DATA FOR THIS EXERCISE —
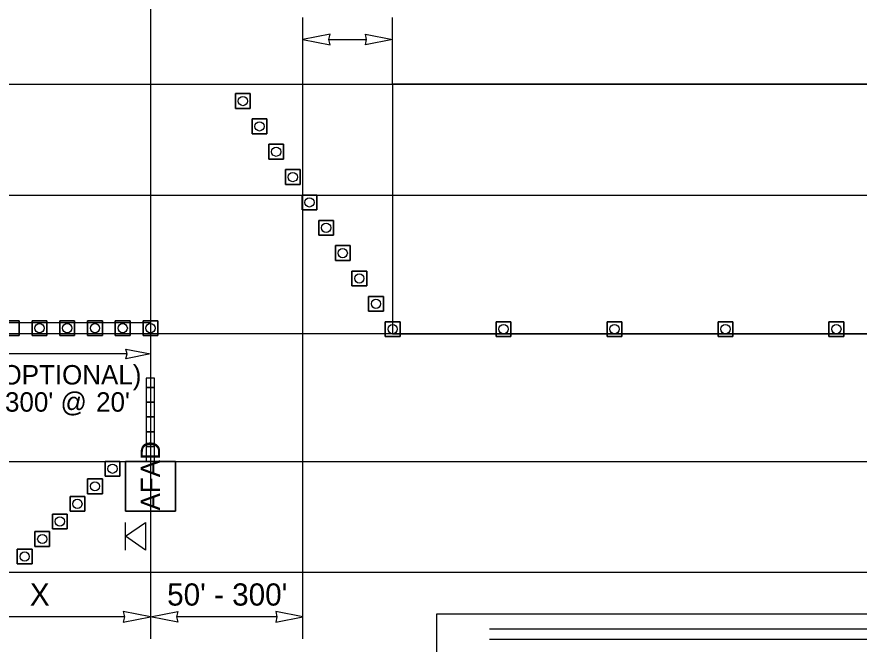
# Model space of a CAD drawing. Extents: x 99999.1 to 100095.7, y 99995 to 100010.7.
# Drawn here: x 100003.795 to 100006.832, y 100005.473 to 100007.734 of the extents above; entities that cross this region are included whole.
import ezdxf

# ---------------------------------------------------------------- set-up
doc = ezdxf.new("R2010")
doc.units = 0
for name, color, linetype in [('RD_ED_ShoulderPavedEdge', 7, 'Continuous'), ('RD_MK_LineDblYellowCenter', 7, 'Continuous'), ('RD_MK_LineEdgeWhite', 7, 'Continuous'), ('RD_MK_LineNoPass', 7, 'Continuous'), ('RD_MK_LineSkipCenter', 7, 'Continuous'), ('TR_WZ_AFAD', 7, 'Continuous'), ('TR_WZ_PortableSignMountBlk-Wht', 7, 'Continuous'), ('TR_WZ_TrafficCone', 7, 'Continuous'), ('TR_WZ_WorkZoneDetails', 7, 'Continuous'), ('TR_WZ_WorkZoneTextCurrent', 7, 'Continuous')]:
    doc.layers.add(name, color=color, linetype=linetype)

msp = doc.modelspace()

# ---------------------------------------------------------------- linework, layer by layer
at = {"layer": 'RD_ED_ShoulderPavedEdge'}
for p, q in [((100000.1076, 100007.4923), (100015.6424, 100007.4923)), ((100000.1076, 100005.7323), (100015.6424, 100005.7323))]:
    msp.add_line(p, q, dxfattribs=at)
at = {"layer": 'RD_MK_LineDblYellowCenter'}
for p, q in [((100005.4994, 100005.5286), (100008.0081, 100005.5286)), ((100005.4994, 100005.4911), (100008.0081, 100005.4911))]:
    msp.add_line(p, q, dxfattribs=at)
at = {"layer": 'RD_MK_LineEdgeWhite'}
for p, q in [((100000.1076, 100007.0923), (100015.6424, 100007.0923)), ((100000.1076, 100006.1323), (100015.6424, 100006.1323))]:
    msp.add_line(p, q, dxfattribs=at)
at = {"layer": 'RD_MK_LineNoPass'}
msp.add_line((100003.4767, 100006.6323), (100004.2767, 100006.6323), dxfattribs=at)
at = {"layer": 'RD_MK_LineSkipCenter'}
msp.add_lwpolyline([(100011.15, 100006.5923), (100003.4767, 100006.5923)], dxfattribs=at)
at = {"layer": 'TR_WZ_AFAD'}
for p, q in [((100004.2916, 100006.399), (100004.2916, 100006.4323)), ((100004.2616, 100006.399), (100004.2616, 100006.3457)), ((100004.2616, 100006.399), (100004.2766, 100006.399)), ((100004.2766, 100006.399), (100004.2916, 100006.399)), ((100004.2916, 100006.3457), (100004.2916, 100006.399)), ((100004.2616, 100006.3457), (100004.2616, 100006.2923)), ((100004.2766, 100006.3457), (100004.2616, 100006.3457)), ((100004.2916, 100006.3457), (100004.2766, 100006.3457)), ((100004.2916, 100006.2923), (100004.2916, 100006.3457)), ((100004.2616, 100006.2923), (100004.2616, 100006.239)), ((100004.2616, 100006.2923), (100004.2766, 100006.2923)), ((100004.2766, 100006.2923), (100004.2916, 100006.2923)), ((100004.2916, 100006.239), (100004.2916, 100006.2923)), ((100004.2766, 100006.239), (100004.2616, 100006.239)), ((100004.2616, 100006.239), (100004.2616, 100006.1857)), ((100004.2916, 100006.239), (100004.2766, 100006.239)), ((100004.2916, 100006.1857), (100004.2916, 100006.239)), ((100004.2616, 100006.1857), (100004.2616, 100006.1323)), ((100004.1866, 100005.9523), (100004.1866, 100006.1323)), ((100004.1866, 100006.1323), (100004.3666, 100006.1323)), ((100004.27, 100006.1323), (100004.1866, 100006.1323)), ((100004.1866, 100006.1323), (100004.1866, 100005.9523)), ((100004.2616, 100006.1323), (100004.27, 100006.1323)), ((100004.27, 100006.1323), (100004.2766, 100006.1323)), ((100004.3666, 100006.1323), (100004.3666, 100005.9523)), ((100004.3666, 100005.9523), (100004.3666, 100006.1323)), ((100004.3666, 100005.9523), (100004.1866, 100005.9523)), ((100004.1866, 100005.9523), (100004.3666, 100005.9523))]:
    msp.add_line(p, q, dxfattribs=at)
for points in [[(100004.2916, 100006.4323), (100004.2616, 100006.4323), (100004.2616, 100006.399)], [(100004.2916, 100006.1323), (100004.2916, 100006.4323), (100004.2616, 100006.4323), (100004.2616, 100006.1323)], [(100004.2916, 100006.399), (100004.2766, 100006.399), (100004.2616, 100006.399)], [(100004.2616, 100006.3457), (100004.2766, 100006.3457), (100004.2916, 100006.3457)], [(100004.2916, 100006.2923), (100004.2766, 100006.2923), (100004.2616, 100006.2923)], [(100004.2616, 100006.239), (100004.2766, 100006.239), (100004.2916, 100006.239)], [(100004.2916, 100006.1857), (100004.2766, 100006.1857), (100004.2616, 100006.1857)], [(100004.2616, 100006.1857), (100004.2766, 100006.1857), (100004.2916, 100006.1857)], [(100004.2766, 100006.1323), (100004.2833, 100006.1323), (100004.2916, 100006.1323), (100004.2916, 100006.1857)], [(100004.3666, 100006.1323), (100004.2833, 100006.1323), (100004.27, 100006.1323)]]:
    msp.add_lwpolyline(points, dxfattribs=at)
at = {"layer": 'TR_WZ_PortableSignMountBlk-Wht'}
msp.add_line((100004.1867, 100005.8123), (100004.1867, 100005.9123), dxfattribs=at)
msp.add_lwpolyline([(100004.1867, 100005.8622), (100004.2585, 100005.9123), (100004.2585, 100005.8123)], close=True, dxfattribs=at)
at = {"layer": 'TR_WZ_TrafficCone'}
for points in [[(100004.6367, 100007.4577), (100004.5834, 100007.4577), (100004.5834, 100007.4043), (100004.6367, 100007.4043), (100004.6367, 100007.4577)], [(100004.6367, 100007.4043), (100004.5834, 100007.4043), (100004.5834, 100007.4577), (100004.6367, 100007.4577), (100004.6367, 100007.4043)], [(100004.6967, 100007.3663), (100004.6434, 100007.3663), (100004.6434, 100007.313), (100004.6967, 100007.313), (100004.6967, 100007.3663)], [(100004.6967, 100007.313), (100004.6434, 100007.313), (100004.6434, 100007.3663), (100004.6967, 100007.3663), (100004.6967, 100007.313)], [(100004.7567, 100007.275), (100004.7034, 100007.275), (100004.7034, 100007.2217), (100004.7567, 100007.2217), (100004.7567, 100007.275)], [(100004.7567, 100007.2217), (100004.7034, 100007.2217), (100004.7034, 100007.275), (100004.7567, 100007.275), (100004.7567, 100007.2217)], [(100004.8167, 100007.1837), (100004.7634, 100007.1837), (100004.7634, 100007.1303), (100004.8167, 100007.1303), (100004.8167, 100007.1837)], [(100004.8167, 100007.1303), (100004.7634, 100007.1303), (100004.7634, 100007.1837), (100004.8167, 100007.1837), (100004.8167, 100007.1303)], [(100004.8234, 100007.0923), (100004.8767, 100007.0923), (100004.8767, 100007.039), (100004.8234, 100007.039), (100004.8234, 100007.0923)], [(100004.8234, 100007.039), (100004.8767, 100007.039), (100004.8767, 100007.0923), (100004.8234, 100007.0923), (100004.8234, 100007.039)], [(100004.8834, 100007.001), (100004.9367, 100007.001), (100004.9367, 100006.9477), (100004.8834, 100006.9477), (100004.8834, 100007.001)], [(100004.8834, 100006.9477), (100004.9367, 100006.9477), (100004.9367, 100007.001), (100004.8834, 100007.001), (100004.8834, 100006.9477)], [(100004.9434, 100006.9097), (100004.9967, 100006.9097), (100004.9967, 100006.8563), (100004.9434, 100006.8563), (100004.9434, 100006.9097)], [(100004.9434, 100006.8563), (100004.9967, 100006.8563), (100004.9967, 100006.9097), (100004.9434, 100006.9097), (100004.9434, 100006.8563)], [(100005.0034, 100006.8183), (100005.0567, 100006.8183), (100005.0567, 100006.765), (100005.0034, 100006.765), (100005.0034, 100006.8183)], [(100005.0034, 100006.765), (100005.0567, 100006.765), (100005.0567, 100006.8183), (100005.0034, 100006.8183), (100005.0034, 100006.765)], [(100005.0634, 100006.727), (100005.1167, 100006.727), (100005.1167, 100006.6737), (100005.0634, 100006.6737), (100005.0634, 100006.727)], [(100005.0634, 100006.6737), (100005.1167, 100006.6737), (100005.1167, 100006.727), (100005.0634, 100006.727), (100005.0634, 100006.6737)], [(100003.8033, 100006.639), (100003.75, 100006.639), (100003.75, 100006.5857), (100003.8033, 100006.5857), (100003.8033, 100006.639)], [(100003.8033, 100006.5857), (100003.75, 100006.5857), (100003.75, 100006.639), (100003.8033, 100006.639), (100003.8033, 100006.5857)], [(100003.9033, 100006.639), (100003.85, 100006.639), (100003.85, 100006.5857), (100003.9033, 100006.5857), (100003.9033, 100006.639)], [(100003.9033, 100006.5857), (100003.85, 100006.5857), (100003.85, 100006.639), (100003.9033, 100006.639), (100003.9033, 100006.5857)], [(100004.0033, 100006.639), (100003.95, 100006.639), (100003.95, 100006.5857), (100004.0033, 100006.5857), (100004.0033, 100006.639)], [(100004.0033, 100006.5857), (100003.95, 100006.5857), (100003.95, 100006.639), (100004.0033, 100006.639), (100004.0033, 100006.5857)], [(100004.1033, 100006.639), (100004.05, 100006.639), (100004.05, 100006.5857), (100004.1033, 100006.5857), (100004.1033, 100006.639)], [(100004.1033, 100006.5857), (100004.05, 100006.5857), (100004.05, 100006.639), (100004.1033, 100006.639), (100004.1033, 100006.5857)], [(100004.2033, 100006.639), (100004.15, 100006.639), (100004.15, 100006.5857), (100004.2033, 100006.5857), (100004.2033, 100006.639)], [(100004.2033, 100006.5857), (100004.15, 100006.5857), (100004.15, 100006.639), (100004.2033, 100006.639), (100004.2033, 100006.5857)], [(100004.3033, 100006.639), (100004.25, 100006.639), (100004.25, 100006.5857), (100004.3033, 100006.5857), (100004.3033, 100006.639)], [(100004.3033, 100006.5857), (100004.25, 100006.5857), (100004.25, 100006.639), (100004.3033, 100006.639), (100004.3033, 100006.5857)], [(100005.1234, 100006.6357), (100005.1767, 100006.6357), (100005.1767, 100006.5823), (100005.1234, 100006.5823), (100005.1234, 100006.6357)], [(100005.1234, 100006.5823), (100005.1767, 100006.5823), (100005.1767, 100006.6357), (100005.1234, 100006.6357), (100005.1234, 100006.5823)], [(100005.5234, 100006.6357), (100005.5767, 100006.6357), (100005.5767, 100006.5823), (100005.5234, 100006.5823), (100005.5234, 100006.6357)], [(100005.5234, 100006.5823), (100005.5767, 100006.5823), (100005.5767, 100006.6357), (100005.5234, 100006.6357), (100005.5234, 100006.5823)], [(100005.9234, 100006.6357), (100005.9767, 100006.6357), (100005.9767, 100006.5823), (100005.9234, 100006.5823), (100005.9234, 100006.6357)], [(100005.9234, 100006.5823), (100005.9767, 100006.5823), (100005.9767, 100006.6357), (100005.9234, 100006.6357), (100005.9234, 100006.5823)], [(100006.3234, 100006.6357), (100006.3767, 100006.6357), (100006.3767, 100006.5823), (100006.3234, 100006.5823), (100006.3234, 100006.6357)], [(100006.3234, 100006.5823), (100006.3767, 100006.5823), (100006.3767, 100006.6357), (100006.3234, 100006.6357), (100006.3234, 100006.5823)], [(100006.7234, 100006.6357), (100006.7767, 100006.6357), (100006.7767, 100006.5823), (100006.7234, 100006.5823), (100006.7234, 100006.6357)], [(100006.7234, 100006.5823), (100006.7767, 100006.5823), (100006.7767, 100006.6357), (100006.7234, 100006.6357), (100006.7234, 100006.5823)], [(100004.1133, 100006.1323), (100004.1667, 100006.1323), (100004.1667, 100006.079), (100004.1133, 100006.079), (100004.1133, 100006.1323)], [(100004.1133, 100006.079), (100004.1667, 100006.079), (100004.1667, 100006.1323), (100004.1133, 100006.1323), (100004.1133, 100006.079)], [(100004.05, 100006.069), (100004.1033, 100006.069), (100004.1033, 100006.0157), (100004.05, 100006.0157), (100004.05, 100006.069)], [(100004.05, 100006.0157), (100004.1033, 100006.0157), (100004.1033, 100006.069), (100004.05, 100006.069), (100004.05, 100006.0157)], [(100003.9867, 100006.0057), (100004.04, 100006.0057), (100004.04, 100005.9523), (100003.9867, 100005.9523), (100003.9867, 100006.0057)], [(100003.9867, 100005.9523), (100004.04, 100005.9523), (100004.04, 100006.0057), (100003.9867, 100006.0057), (100003.9867, 100005.9523)], [(100003.9767, 100005.9423), (100003.9233, 100005.9423), (100003.9233, 100005.889), (100003.9767, 100005.889), (100003.9767, 100005.9423)], [(100003.9767, 100005.889), (100003.9233, 100005.889), (100003.9233, 100005.9423), (100003.9767, 100005.9423), (100003.9767, 100005.889)], [(100003.9133, 100005.879), (100003.86, 100005.879), (100003.86, 100005.8257), (100003.9133, 100005.8257), (100003.9133, 100005.879)], [(100003.9133, 100005.8257), (100003.86, 100005.8257), (100003.86, 100005.879), (100003.9133, 100005.879), (100003.9133, 100005.8257)], [(100003.85, 100005.8157), (100003.7967, 100005.8157), (100003.7967, 100005.7623), (100003.85, 100005.7623), (100003.85, 100005.8157)], [(100003.85, 100005.7623), (100003.7967, 100005.7623), (100003.7967, 100005.8157), (100003.85, 100005.8157), (100003.85, 100005.7623)]]:
    msp.add_lwpolyline(points, dxfattribs=at)
for centre in [(100004.61, 100007.431), (100004.67, 100007.3397), (100004.73, 100007.2483), (100004.79, 100007.157), (100004.85, 100007.0657), (100004.91, 100006.9743), (100004.97, 100006.883), (100005.03, 100006.7917), (100005.09, 100006.7003), (100003.8767, 100006.6123), (100003.9767, 100006.6123), (100004.0767, 100006.6123), (100004.1767, 100006.6123), (100004.2767, 100006.6123), (100005.15, 100006.609), (100005.55, 100006.609), (100005.95, 100006.609), (100006.35, 100006.609), (100006.75, 100006.609), (100004.14, 100006.1057), (100004.0767, 100006.0423), (100004.0133, 100005.979), (100003.95, 100005.9157), (100003.8867, 100005.8523), (100003.8233, 100005.789)]:
    msp.add_circle(centre, 0.0167, dxfattribs=at)
at = {"layer": 'TR_WZ_WorkZoneDetails'}
for p, q in [((100004.2767, 100008.7991), (100004.2767, 100005.4923)), ((100004.8267, 100005.4923), (100004.8267, 100007.7323)), ((100005.15, 100007.4923), (100005.15, 100007.7323)), ((100004.9204, 100007.6523), (100005.0563, 100007.6523)), ((100004.1923, 100006.5193), (100003.761, 100006.5193)), ((100004.1829, 100005.5723), (100003.5704, 100005.5723)), ((100004.7329, 100005.5723), (100004.3704, 100005.5723))]:
    msp.add_line(p, q, dxfattribs=at)
for points in [[(100004.8267, 100007.6523), (100004.9249, 100007.6331), (100004.9204, 100007.6523), (100004.9249, 100007.6716)], [(100005.15, 100007.6523), (100005.0517, 100007.6331), (100005.0563, 100007.6523), (100005.0517, 100007.6716)], [(100005.15, 100007.4923), (100005.15, 100006.5923), (100009.9338, 100006.5923), (100009.9338, 100007.4923)], [(100004.2767, 100006.5193), (100004.1882, 100006.502), (100004.1923, 100006.5193), (100004.1882, 100006.5367)], [(100004.2767, 100005.5723), (100004.1784, 100005.5916), (100004.1829, 100005.5723), (100004.1784, 100005.5531)], [(100004.2767, 100005.5723), (100004.3749, 100005.5916), (100004.3704, 100005.5723), (100004.3749, 100005.5531)], [(100004.8267, 100005.5723), (100004.7284, 100005.5916), (100004.7329, 100005.5723), (100004.7284, 100005.5531)]]:
    msp.add_lwpolyline(points, close=True, dxfattribs=at)
at = {"layer": 'TR_WZ_WorkZoneTextCurrent'}
msp.add_lwpolyline([(100005.3092, 100005.5823), (100009.1102, 100005.5823), (100009.1102, 100003.4799), (100005.3092, 100003.4799)], close=True, dxfattribs=at)

# ---------------------------------------------------------------- texts
at = {"layer": 'TR_WZ_AFAD'}
msp.add_text('AFAD', height=0.07, rotation=90, dxfattribs=at).set_placement((100004.3116, 100005.9553))
at = {"layer": 'TR_WZ_WorkZoneTextCurrent'}
for s, p in [('(OPTIONAL)', (100003.7085, 100006.4093)), ("300' @", (100003.7523, 100006.3113)), ("20'", (100004.0807, 100006.3113))]:
    msp.add_text(s, height=0.07, dxfattribs=at).set_placement(p)
for s, p in [('X', (100003.8419, 100005.6123)), ("50' - 300'", (100004.3369, 100005.6123))]:
    msp.add_text(s, height=0.08, rotation=360, dxfattribs=at).set_placement(p)

doc.saveas('drawing.dxf')

REQUIRED WORK —
Bring together all lines in the records where the word "name" is found.

OUTPUT FOR THIS TASK —
for name, color, linetype in [('RD_ED_ShoulderPavedEdge', 7, 'Continuous'), ('RD_MK_LineDblYellowCenter', 7, 'Continuous'), ('RD_MK_LineEdgeWhite', 7, 'Continuous'), ('RD_MK_LineNoPass', 7, 'Continuous'), ('RD_MK_LineSkipCenter', 7, 'Continuous'), ('TR_WZ_AFAD', 7, 'Continuous'), ('TR_WZ_PortableSignMountBlk-Wht', 7, 'Continuous'), ('TR_WZ_TrafficCone', 7, 'Continuous'), ('TR_WZ_WorkZoneDetails', 7, 'Continuous'), ('TR_WZ_WorkZoneTextCurrent', 7, 'Continuous')]:
    doc.layers.add(name, color=color, linetype=linetype)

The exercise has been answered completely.